(Entries taken from a collection)
########
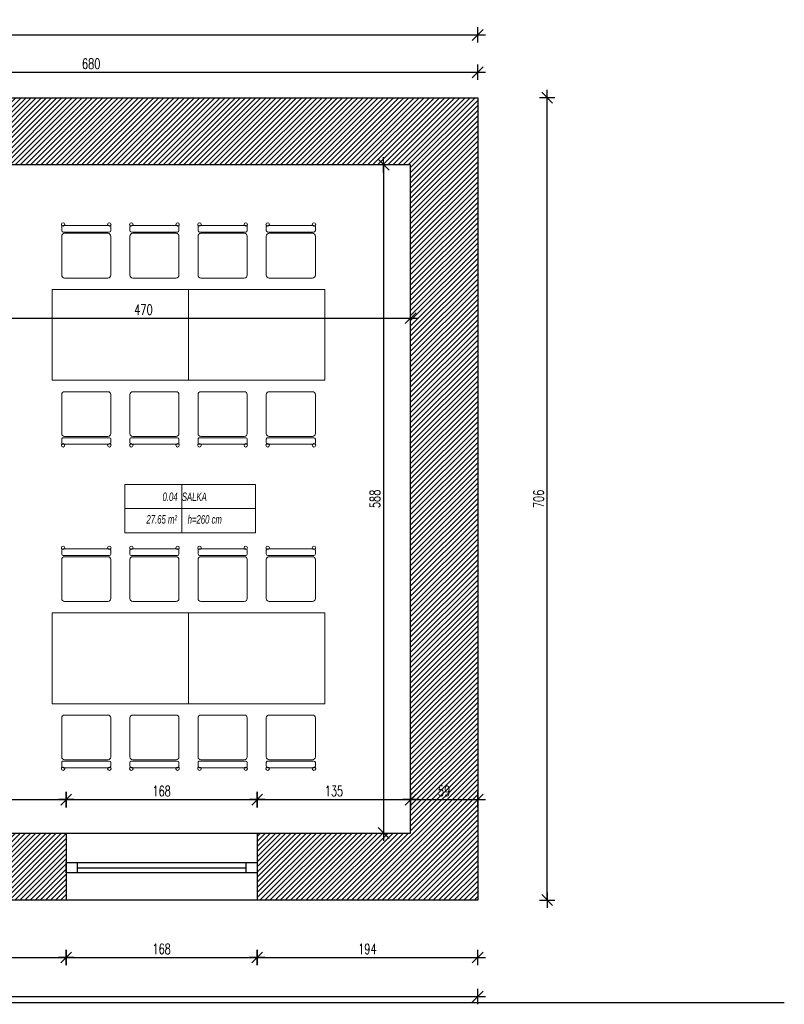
# Model space of a CAD drawing. Extents: x 6414462 to 7495468, y 5756825 to 5824657.
# Tile 50 of 54: x 6509339 to 6510012, y 5809720 to 5810586. Entities that reach past the tile are written whole.
import ezdxf

# ---------------------------------------------------------------- set-up
doc = ezdxf.new("R2010")
doc.units = 0
doc.layers.add('A-AREA-____-IDEN', color=2, linetype='Continuous', lineweight=9)
doc.layers.add('meble', color=8, linetype='Continuous', lineweight=13)
doc.layers.add('okna', color=11, linetype='Continuous')
doc.styles.add('Arial_I', font='ariali.ttf', dxfattribs={"width": 0.65, "height": 150})
doc.styles.add('dwg_wymiary 50', font='romans.shx', dxfattribs={"width": 0.7, "height": 9})
doc.dimstyles.new('1-50', dxfattribs={"dimtxt": 9, "dimasz": 0.8, "dimexe": 1.25, "dimexo": 0.625, "dimgap": 3, "dimtad": 1, "dimdec": 0, "dimrnd": 0.5, "dimtxsty": 'dwg_wymiary 50', "dimblk": 'dwg_dimtick', "dimcen": 8, "dimse1": 1, "dimse2": 1, "dimclrd": 7, "dimclrt": 7, "dimadec": 0, "dimazin": 0, "dimtfac": 1, "dimtdec": 0, "dimtmove": 0, "dimatfit": 3, "dimldrblk": 'DOT', "dimfxl": 1.25, "dimarcsym": 0})

# ---------------------------------------------------------------- blocks, each defined once
blk = doc.blocks.new('*U125')
at = {"layer": 'okna'}
for points in [[(4043.97, 2131.95), (4052.97, 2131.95), (4052.97, 1963.95), (4043.97, 1963.95)], [(4043.97, 2131.95), (4052.97, 2131.95), (4052.97, 2122.38), (4043.97, 2122.38)], [(4043.97, 1973.53), (4052.97, 1973.53), (4052.97, 1963.95), (4043.97, 1963.95)]]:
    blk.add_lwpolyline(points, close=True, dxfattribs=at)
blk.add_lwpolyline([(4048.47, 2122.38), (4048.47, 1973.53)], dxfattribs=at)
blk = doc.blocks.new('dwg_dimtick')
for p, q in [((-8.5, 0), (8.5, 0)), ((-6, -6), (6, 6)), ((0, -8.5), (0, 8.5))]:
    blk.add_line(p, q)
blk = doc.blocks.new('*D189')
at = {"color": 7, "lineweight": -2, "transparency": 16777216}
blk.add_line((6509213.64, 5810323.21), (6509682.04, 5810323.21), dxfattribs=at)
at = {"layer": 'Defpoints', "color": 0, "transparency": 16777216}
for p in [(6509212.84, 5810458.23), (6509682.84, 5810458.23), (6509682.84, 5810323.21)]:
    blk.add_point(p, dxfattribs=at)
at = {"color": 7, "lineweight": -2, "transparency": 16777216, "xscale": 0.8, "yscale": 0.8, "zscale": 0.8, "rotation": 180}
blk.add_blockref('dwg_dimtick', (6509212.84, 5810323.21), dxfattribs=at)
at = {"color": 7, "lineweight": -2, "transparency": 16777216, "xscale": 0.8, "yscale": 0.8, "zscale": 0.8}
blk.add_blockref('dwg_dimtick', (6509682.84, 5810323.21), dxfattribs=at)
at = {"color": 7, "transparency": 16777216, "insert": (6509447.84, 5810330.71), "char_height": 9, "attachment_point": 5, "style": 'dwg_wymiary 50'}
blk.add_mtext('470', dxfattribs=at)
blk = doc.blocks.new('_Dot')
at = {"color": 0, "linetype": 'ByBlock', "lineweight": -2}
blk.add_line((-0.5, 0), (-1, 0), dxfattribs=at)
at = {"color": 0, "linetype": 'ByBlock', "const_width": 0.5}
blk.add_lwpolyline([(-0.25, 0, 1), (0.25, 0, 1)], format="xyb", close=True, dxfattribs=at)
blk = doc.blocks.new('*D208')
at = {"color": 7, "lineweight": -2, "transparency": 16777216}
blk.add_line((6509212.64, 5809899.65), (6509379.04, 5809899.65), dxfattribs=at)
at = {"layer": 'Defpoints', "color": 0, "transparency": 16777216}
for p in [(6509379.84, 5809899.65), (6509211.84, 5809870.23), (6509379.84, 5809870.23)]:
    blk.add_point(p, dxfattribs=at)
at = {"color": 7, "lineweight": -2, "transparency": 16777216, "xscale": 0.8, "yscale": 0.8, "zscale": 0.8, "rotation": 180}
blk.add_blockref('dwg_dimtick', (6509211.84, 5809899.65), dxfattribs=at)
at = {"color": 7, "lineweight": -2, "transparency": 16777216, "xscale": 0.8, "yscale": 0.8, "zscale": 0.8}
blk.add_blockref('dwg_dimtick', (6509379.84, 5809899.65), dxfattribs=at)
at = {"color": 7, "transparency": 16777216, "insert": (6509295.84, 5809907.15), "char_height": 9, "attachment_point": 5, "style": 'dwg_wymiary 50'}
blk.add_mtext('168', dxfattribs=at)
blk = doc.blocks.new('*D209')
at = {"color": 7, "lineweight": -2, "transparency": 16777216}
blk.add_line((6509380.64, 5809899.65), (6509547.04, 5809899.65), dxfattribs=at)
at = {"layer": 'Defpoints', "color": 0, "transparency": 16777216}
for p in [(6509547.84, 5809899.65), (6509379.84, 5809870.23), (6509547.84, 5809870.23)]:
    blk.add_point(p, dxfattribs=at)
at = {"color": 7, "lineweight": -2, "transparency": 16777216, "xscale": 0.8, "yscale": 0.8, "zscale": 0.8, "rotation": 180}
blk.add_blockref('dwg_dimtick', (6509379.84, 5809899.65), dxfattribs=at)
at = {"color": 7, "lineweight": -2, "transparency": 16777216, "xscale": 0.8, "yscale": 0.8, "zscale": 0.8}
blk.add_blockref('dwg_dimtick', (6509547.84, 5809899.65), dxfattribs=at)
at = {"color": 7, "transparency": 16777216, "insert": (6509463.84, 5809907.15), "char_height": 9, "attachment_point": 5, "style": 'dwg_wymiary 50'}
blk.add_mtext('168', dxfattribs=at)
blk = doc.blocks.new('*D210')
at = {"color": 7, "lineweight": -2, "transparency": 16777216}
blk.add_line((6509548.64, 5809899.65), (6509682.04, 5809899.65), dxfattribs=at)
at = {"layer": 'Defpoints', "color": 0, "transparency": 16777216}
for p in [(6509682.84, 5809899.65), (6509547.84, 5809870.23), (6509682.84, 5809870.23)]:
    blk.add_point(p, dxfattribs=at)
at = {"color": 7, "lineweight": -2, "transparency": 16777216, "xscale": 0.8, "yscale": 0.8, "zscale": 0.8, "rotation": 180}
blk.add_blockref('dwg_dimtick', (6509547.84, 5809899.65), dxfattribs=at)
at = {"color": 7, "lineweight": -2, "transparency": 16777216, "xscale": 0.8, "yscale": 0.8, "zscale": 0.8}
blk.add_blockref('dwg_dimtick', (6509682.84, 5809899.65), dxfattribs=at)
at = {"color": 7, "transparency": 16777216, "insert": (6509615.34, 5809907.15), "char_height": 9, "attachment_point": 5, "style": 'dwg_wymiary 50'}
blk.add_mtext('135', dxfattribs=at)
blk = doc.blocks.new('*D211')
at = {"color": 7, "lineweight": -2, "transparency": 16777216}
blk.add_line((6509683.64, 5809899.65), (6509741.04, 5809899.65), dxfattribs=at)
at = {"layer": 'Defpoints', "color": 0, "transparency": 16777216}
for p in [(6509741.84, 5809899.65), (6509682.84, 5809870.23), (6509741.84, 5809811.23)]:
########
Aim of the exercise:
Return all lines from the data above with "Continuous" in them.

Task result:
doc.layers.add('A-AREA-____-IDEN', color=2, linetype='Continuous', lineweight=9)
doc.layers.add('meble', color=8, linetype='Continuous', lineweight=13)
doc.layers.add('okna', color=11, linetype='Continuous')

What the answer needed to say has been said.